2006 Philadelphia Annual Meeting (22–25 October 2006)

Paper No. 2
Presentation Time: 8:15 AM

EXPERIMENTAL LEACHING OF ROCK CATIONS IN TWO PERCENT HCL SOLUTIONS


LATINI, Daniel M., SUN, Hongbing and HUSCH, Jonathan M., Geological and Marine Sciences, Rider University, 2083 Lawrenceville Road, Lawrenceville, NJ 08648, hsun@rider.edu

We determined solution concentrations for ten elements leached from two sedimentary, four igneous, and two metamorphic rocks, which had been submerged in two percent HCl for a week. In addition, we determined silicon relative release ratios (SRRR), the release rate of each element relative to that of silicon calculated by SRRR=10|log((Si/a)l/(Si/a)s)|, where "a" represents the mole concentration of an individual element and subscripts l and s indicate the solution and rock mole ratios of the two elements, respectively.

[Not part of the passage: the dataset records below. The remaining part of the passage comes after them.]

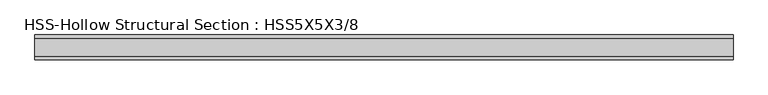
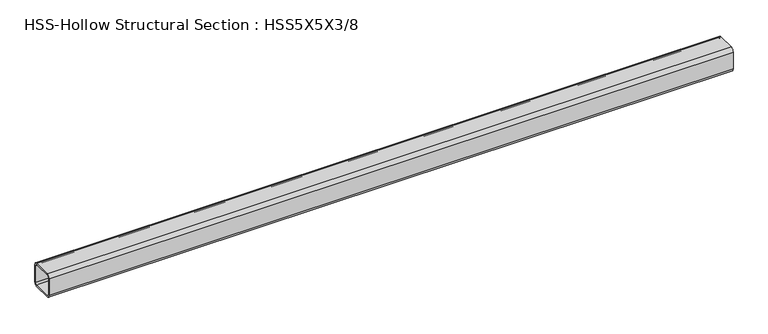
"""IFC4 building model written with IfcOpenShell, lengths in millimetres: member geometry, HSS-Hollow Structural Section : HSS5X5X3/8."""

import ifcopenshell
import ifcopenshell.guid

model = None  # the IFC model being written
_history = None  # IfcOwnerHistory: only IFC2X3 demands one
_inside = {}  # id of a spatial element -> (the spatial element, [elements in it])
_under = {}  # id of a project, library or spatial element -> (it, [spatial elements below it])
_declared = {}  # id of a project -> (the project, [libraries it declares])
_typed = {}  # id of a type object -> (the type object, [elements of that type])
_made_of = {}  # id of a material, layer set ... -> (it, [elements and type objects made of it])


def new_model(schema):
    """Start an empty IFC model of exactly this schema.

    Asked for "IFC4X3", IfcOpenShell would pick the latest addendum, in which some entities
    have other attributes; the version numbers below select the first issue.
    IFC2X3 requires an IfcOwnerHistory on every rooted entity: one is made here for all.
    """
    global model, _history
    if schema == "IFC4X3":
        model = ifcopenshell.file(schema_version=(4, 3, 0, 0))
    else:
        model = ifcopenshell.file(schema=schema)
    _inside.clear()
    _under.clear()
    _declared.clear()
    _typed.clear()
    _made_of.clear()
    _history = None
    if model.schema == "IFC2X3":
        org = make("IfcOrganization", Name="unknown")
        user = make(
            "IfcPersonAndOrganization",
            ThePerson=make("IfcPerson", FamilyName="unknown"),
            TheOrganization=org,
        )
        app = make(
            "IfcApplication",
            ApplicationDeveloper=org,
            Version="unknown",
            ApplicationFullName="unknown",
            ApplicationIdentifier="unknown",
        )
        _history = make(
            "IfcOwnerHistory",
            OwningUser=user,
            OwningApplication=app,
            ChangeAction="ADDED",
            CreationDate=0,
        )
    return model


def make(cls, **values):
    """One entity of the class cls with the attributes given. An attribute that is None is left unset."""
    return model.create_entity(
        cls, **{name: value for name, value in values.items() if value is not None}
    )


def rooted(cls, **values):
    """An entity with a GlobalId (a new one), such as an element, a storey or a relation."""
    return make(cls, GlobalId=ifcopenshell.guid.new(), OwnerHistory=_history, **values)


def si_unit(unit_type, name, prefix=None):
    """IfcSIUnit, for example si_unit("LENGTHUNIT", "METRE", prefix="MILLI")."""
    return make("IfcSIUnit", UnitType=unit_type, Prefix=prefix, Name=name)


def assignment(units):
    """IfcUnitAssignment: the units of a project."""
    return None if units is None else make("IfcUnitAssignment", Units=units)


def point(xyz):
    """IfcCartesianPoint."""
    return None if xyz is None else make("IfcCartesianPoint", Coordinates=xyz)


def direction(xyz):
    """IfcDirection."""
    return None if xyz is None else make("IfcDirection", DirectionRatios=xyz)


def frame(location, z_axis=None, x_axis=None):
    """IfcAxis2Placement3D, a coordinate frame: its origin and axes. An axis left out is left unset."""
    return make(
        "IfcAxis2Placement3D",
        Location=point(location),
        Axis=direction(z_axis),
        RefDirection=direction(x_axis),
    )


def frame_2d(location, x_axis=None):
    """IfcAxis2Placement2D, a coordinate frame in the plane: its origin and x axis."""
    return make(
        "IfcAxis2Placement2D", Location=point(location), RefDirection=direction(x_axis)
    )


def origin():
    """The frame at (0, 0, 0) with its axes left unset."""
    return frame((0.0, 0.0, 0.0))


def place(relative_to, where):
    """IfcLocalPlacement: puts the frame where relative to a parent placement (None: the world)."""
    return make(
        "IfcLocalPlacement", PlacementRelTo=relative_to, RelativePlacement=where
    )


def context(
    kind, dimensions, precision=None, world=None, true_north=None, identifier=None
):
    """IfcGeometricRepresentationContext, for example the 3D "Model" context."""
    return make(
        "IfcGeometricRepresentationContext",
        ContextIdentifier=identifier,
        ContextType=kind,
        CoordinateSpaceDimension=dimensions,
        Precision=precision,
        WorldCoordinateSystem=world,
        TrueNorth=true_north,
    )


def project(units=None, contexts=None):
    """IfcProject with its units and contexts."""
    return rooted(
        "IfcProject",
        Name="project",
        RepresentationContexts=contexts,
        UnitsInContext=assignment(units),
    )


def spatial(cls, under=None, at=None, **own):
    """A site, building, storey or space (cls), placed at a placement, below another one or the project."""
    s = rooted(cls, ObjectPlacement=at, **own)
    if under is not None:
        _under.setdefault(under.id(), (under, []))[1].append(s)
    return s


def polyline(points):
    """IfcPolyline through the points."""
    return make("IfcPolyline", Points=[point(p) for p in points])


def circle_curve(where, radius):
    """IfcCircle in the frame where."""
    return make("IfcCircle", Position=where, Radius=radius)


def trimmed(basis, trim1, trim2, sense, master):
    """IfcTrimmedCurve: the piece of a basis curve between two trims."""
    return make(
        "IfcTrimmedCurve",
        BasisCurve=basis,
        Trim1=trim1,
        Trim2=trim2,
        SenseAgreement=sense,
        MasterRepresentation=master,
    )


def segment(curve, same_sense, transition):
    """IfcCompositeCurveSegment."""
    return make(
        "IfcCompositeCurveSegment",
        Transition=transition,
        SameSense=same_sense,
        ParentCurve=curve,
    )


def composite_curve(segments, self_intersect=None):
    """IfcCompositeCurve: segments joined end to end."""
    return make("IfcCompositeCurve", Segments=segments, SelfIntersect=self_intersect)


def outline(outer, holes=None, kind="AREA"):
    """IfcArbitraryClosedProfileDef: a profile drawn as a closed curve; with holes, ...WithVoids."""
    if holes is None:
        return make("IfcArbitraryClosedProfileDef", ProfileType=kind, OuterCurve=outer)
    return make(
        "IfcArbitraryProfileDefWithVoids",
        ProfileType=kind,
        OuterCurve=outer,
        InnerCurves=holes,
    )


def extrude(swept, where, along, depth):
    """IfcExtrudedAreaSolid: the profile swept, set in the frame where, extruded along a direction by depth."""
    return make(
        "IfcExtrudedAreaSolid",
        SweptArea=swept,
        Position=where,
        ExtrudedDirection=direction(along),
        Depth=depth,
    )


def shape(context_of_items, identifier, shape_type, items):
    """IfcShapeRepresentation: the items that make up one representation, for example the "Body"."""
    return make(
        "IfcShapeRepresentation",
        ContextOfItems=context_of_items,
        RepresentationIdentifier=identifier,
        RepresentationType=shape_type,
        Items=items,
    )


def source(mapping_origin, context_of_items, identifier, shape_type, items):
    """IfcRepresentationMap: a shape defined once, which mapped items show again and again."""
    return make(
        "IfcRepresentationMap",
        MappingOrigin=mapping_origin,
        MappedRepresentation=shape(context_of_items, identifier, shape_type, items),
    )


def transform(
    local_origin,
    x_axis=None,
    y_axis=None,
    z_axis=None,
    scale=None,
    scale2=None,
    scale3=None,
    uniform=True,
):
    """IfcCartesianTransformationOperator3D, or its non-uniform kind. x_axis, y_axis, z_axis: its Axis1, 2, 3."""
    if uniform:
        return make(
            "IfcCartesianTransformationOperator3D",
            Axis1=direction(x_axis),
            Axis2=direction(y_axis),
            LocalOrigin=point(local_origin),
            Scale=scale,
            Axis3=direction(z_axis),
        )
    return make(
        "IfcCartesianTransformationOperator3DnonUniform",
        Axis1=direction(x_axis),
        Axis2=direction(y_axis),
        LocalOrigin=point(local_origin),
        Scale=scale,
        Axis3=direction(z_axis),
        Scale2=scale2,
        Scale3=scale3,
    )


def mapped(mapping_source, mapping_target):
    """IfcMappedItem: shows the shape of a source again, moved by a transform."""
    return make(
        "IfcMappedItem", MappingSource=mapping_source, MappingTarget=mapping_target
    )


def made_of(thing, what):
    """Note that an element or type object is made of a material, layer set ...; save() writes the relation."""
    if what is not None:
        _made_of.setdefault(what.id(), (what, []))[1].append(thing)
    return thing


def element(
    cls,
    number,
    at=None,
    inside=None,
    cuts=None,
    type_object=None,
    material=None,
    context=None,
    identifier="Body",
    shape_type=None,
    held_by="IfcProductDefinitionShape",
    body=None,
    shapes=None,
    **own,
):
    """One element of the class cls, such as IfcWall. Its Tag is "e" and its number.

    at: its placement. inside: the storey or other place that contains it. cuts: it is an
    opening in that element (IfcRelVoidsElement). A single representation is given by context,
    identifier, shape_type and body (its items); several are given by shapes. held_by: the class
    of the entity that holds the representations. save() writes the other relations.
    """
    e = rooted(cls, Tag="e%d" % number, ObjectPlacement=at, **own)
    if body is not None:
        shapes = [shape(context, identifier, shape_type, body)]
    if shapes is not None:
        e.Representation = make(held_by, Representations=shapes)
    if inside is not None:
        _inside.setdefault(inside.id(), (inside, []))[1].append(e)
    if cuts is not None:
        rooted(
            "IfcRelVoidsElement", RelatingBuildingElement=cuts, RelatedOpeningElement=e
        )
    if type_object is not None:
        _typed.setdefault(type_object.id(), (type_object, []))[1].append(e)
    return made_of(e, material)


def aggregate(whole, parts):
    """IfcRelAggregates: a whole, such as a stair, and the parts it consists of."""
    return rooted("IfcRelAggregates", RelatingObject=whole, RelatedObjects=parts)


def save(model, path):
    """Write the relations noted so far, then the file.

    IfcRelAggregates (storeys below a building ...), IfcRelContainedInSpatialStructure (elements
    in a storey), IfcRelDefinesByType, IfcRelAssociatesMaterial and IfcRelDeclares: one each for
    every whole, place, type object, material and project.
    """
    for whole, parts in _under.values():
        aggregate(whole, parts)
    for where, things in _inside.values():
        rooted(
            "IfcRelContainedInSpatialStructure",
            RelatedElements=things,
            RelatingStructure=where,
        )
    for kind, things in _typed.values():
        rooted("IfcRelDefinesByType", RelatedObjects=things, RelatingType=kind)
    for what, things in _made_of.values():
        rooted("IfcRelAssociatesMaterial", RelatedObjects=things, RelatingMaterial=what)
    for by, libraries in _declared.values():
        rooted("IfcRelDeclares", RelatingContext=by, RelatedDefinitions=libraries)
    model.write(path)


def hss_hollow_structural_section_hss5x5x3_8_98c1edb9(model_context):
    return source(origin(), model_context, "Body", "SweptSolid", [
        extrude(outline(composite_curve([segment(polyline([(63.5, 45.7708), (63.5, -45.7708)]), True, "CONTINUOUS"), segment(trimmed(circle_curve(frame_2d((45.7708, -45.7708)), 17.7292), [point((63.5, -45.7708))], [point((45.7708, -63.5))], False, "CARTESIAN"), True, "CONTINUOUS"), segment(polyline([(45.7708, -63.5), (-45.7708, -63.5)]), True, "CONTINUOUS"), segment(trimmed(circle_curve(frame_2d((-45.7708, -45.7708)), 17.7292), [point((-45.7708, -63.5))], [point((-63.5, -45.7708))], False, "CARTESIAN"), True, "CONTINUOUS"), segment(polyline([(-63.5, -45.7708), (-63.5, 45.7708)]), True, "CONTINUOUS"), segment(trimmed(circle_curve(frame_2d((-45.7708, 45.7708)), 17.7292), [point((-63.5, 45.7708))], [point((-45.7708, 63.5))], False, "CARTESIAN"), True, "CONTINUOUS"), segment(polyline([(-45.7708, 63.5), (45.7708, 63.5)]), True, "CONTINUOUS"), segment(trimmed(circle_curve(frame_2d((45.7708, 45.7708)), 17.7292), [point((45.7708, 63.5))], [point((63.5, 45.7708))], False, "CARTESIAN"), True, "CONTINUOUS")], self_intersect=False), holes=[composite_curve([segment(trimmed(circle_curve(frame_2d((-45.7708, 45.7708)), 8.8646), [point((-45.7708, 54.6354))], [point((-54.6354, 45.7708))], True, "CARTESIAN"), True, "CONTINUOUS"), segment(polyline([(-54.6354, 45.7708), (-54.6354, -45.7708)]), True, "CONTINUOUS"), segment(trimmed(circle_curve(frame_2d((-45.7708, -45.7708)), 8.8646), [point((-54.6354, -45.7708))], [point((-45.7708, -54.6354))], True, "CARTESIAN"), True, "CONTINUOUS"), segment(polyline([(-45.7708, -54.6354), (45.7708, -54.6354)]), True, "CONTINUOUS"), segment(trimmed(circle_curve(frame_2d((45.7708, -45.7708)), 8.8646), [point((45.7708, -54.6354))], [point((54.6354, -45.7708))], True, "CARTESIAN"), True, "CONTINUOUS"), segment(polyline([(54.6354, -45.7708), (54.6354, 45.7708)]), True, "CONTINUOUS"), segment(trimmed(circle_curve(frame_2d((45.7708, 45.7708)), 8.8646), [point((54.6354, 45.7708))], [point((45.7708, 54.6354))], True, "CARTESIAN"), True, "CONTINUOUS"), segment(polyline([(45.7708, 54.6354), (-45.7708, 54.6354)]), True, "CONTINUOUS")], self_intersect=False)]), frame((-1774.2408481, 0.0, 0.0), z_axis=(1.0, 0.0, 0.0), x_axis=(0.0, 1.0, 0.0)), (0.0, 0.0, 1.0), 3548.4816962),
    ])


if __name__ == "__main__":
    model = new_model("IFC4")
    model_context = context("Model", 3, world=origin())
    ifc_project = project(units=[si_unit("LENGTHUNIT", "METRE", prefix="MILLI")], contexts=[model_context])
    site = spatial("IfcSite", under=ifc_project)
    building = spatial("IfcBuilding", under=site)
    placement = place(None, origin())
    hss_hollow_structural_section_hss5x5x3_8_shape = hss_hollow_structural_section_hss5x5x3_8_98c1edb9(model_context)
    element("IfcMember", 1, ObjectType="HSS-Hollow Structural Section : HSS5X5X3/8", at=placement, inside=building, context=model_context, shape_type="MappedRepresentation", body=[
        mapped(hss_hollow_structural_section_hss5x5x3_8_shape, transform((0.0, 0.0, 0.0), x_axis=(1.0, 0.0, 0.0), y_axis=(0.0, 1.0, 0.0), z_axis=(0.0, 0.0, 1.0))),
    ])
    save(model, "model.ifc")

# Revit data of these elements
# Type "HSS-Hollow Structural Section : HSS5X5X3/8"
#   Assembly Code = "B10"
#   Shape = "Square"
#   W = 22.3
#   Ht = 0' - 5"
#   Length [instance default] = 5' - 0"
#   b = 0' - 5"
#   kr = 0' - 0.698"
#   t = 0' - 0.349"
#   A = 0.0429167 SF
#   Structural Material [instance default] = Steel ASTM A500, Grade B, Rectangular and Square
# Element 1 (IfcMember, "HSS-Hollow Structural Section : HSS5X5X3/8")
#   Materials on its faces: "Steel ASTM A500, Grade B, Rectangular and Square"
# Materials
#   "Steel ASTM A500, Grade B, Rectangular and Square": class "Metal", colour RGB 199 199 199, transparency 0, Description = "Carbon steel", Cost = 0

The rock samples used were palm-sized specimens of argillaceous shale, siliceous sandstone, biotite granite, diorite, gabbro, biotite gneiss, and garnet schist. The ten elements, listed in decreasing order of their average leachate solution concentrations in ppm for all rocks, are aluminum (878), calcium (801), iron (782), silicon (530), magnesium (311), potassium (73.6), phosphorus (68.4), sodium (65.3), manganese (25.4), and titanium (8.6). These concentration sequences basically agree with the conventional thinking about element solubility in highly acidic solutions. However, SRRR reveal an entirely different order from the above sequence. Phosphorus has the highest average SRRR (150.5), followed by manganese (118.8), titanium (79.9), calcium (44.6), iron (37.5), magnesium (30), aluminum (9.6), potassium (9.3), and sodium (3.9). Phosphorus also has the highest average SRRR in the igneous and metamorphic rocks. This consistently high SRRR for phosphorus is unexpected as it generally is believed that phosphorous can easily be occluded as hydroxyl phosphate precipitates due to the available aluminum, calcium, and iron and, therefore, should be one of the least released elements in solution. Possible explanations are that phosphorus is not easily occluded in a highly acidic solution or that fresh hydroxyl phosphate precipitates are still soluble in solutions that are only about two weeks old when analyzed. No statistically significant correlations exist between an element's leachate concentration and the concentration of that element in the original rocks. However, significant positive correlations exist for the concentrations in solution between calcium and magnesium, magnesium and iron, and aluminum and silicon. A possible explanation for this is that these pairs of elements behave similarly in highly acidic solutions.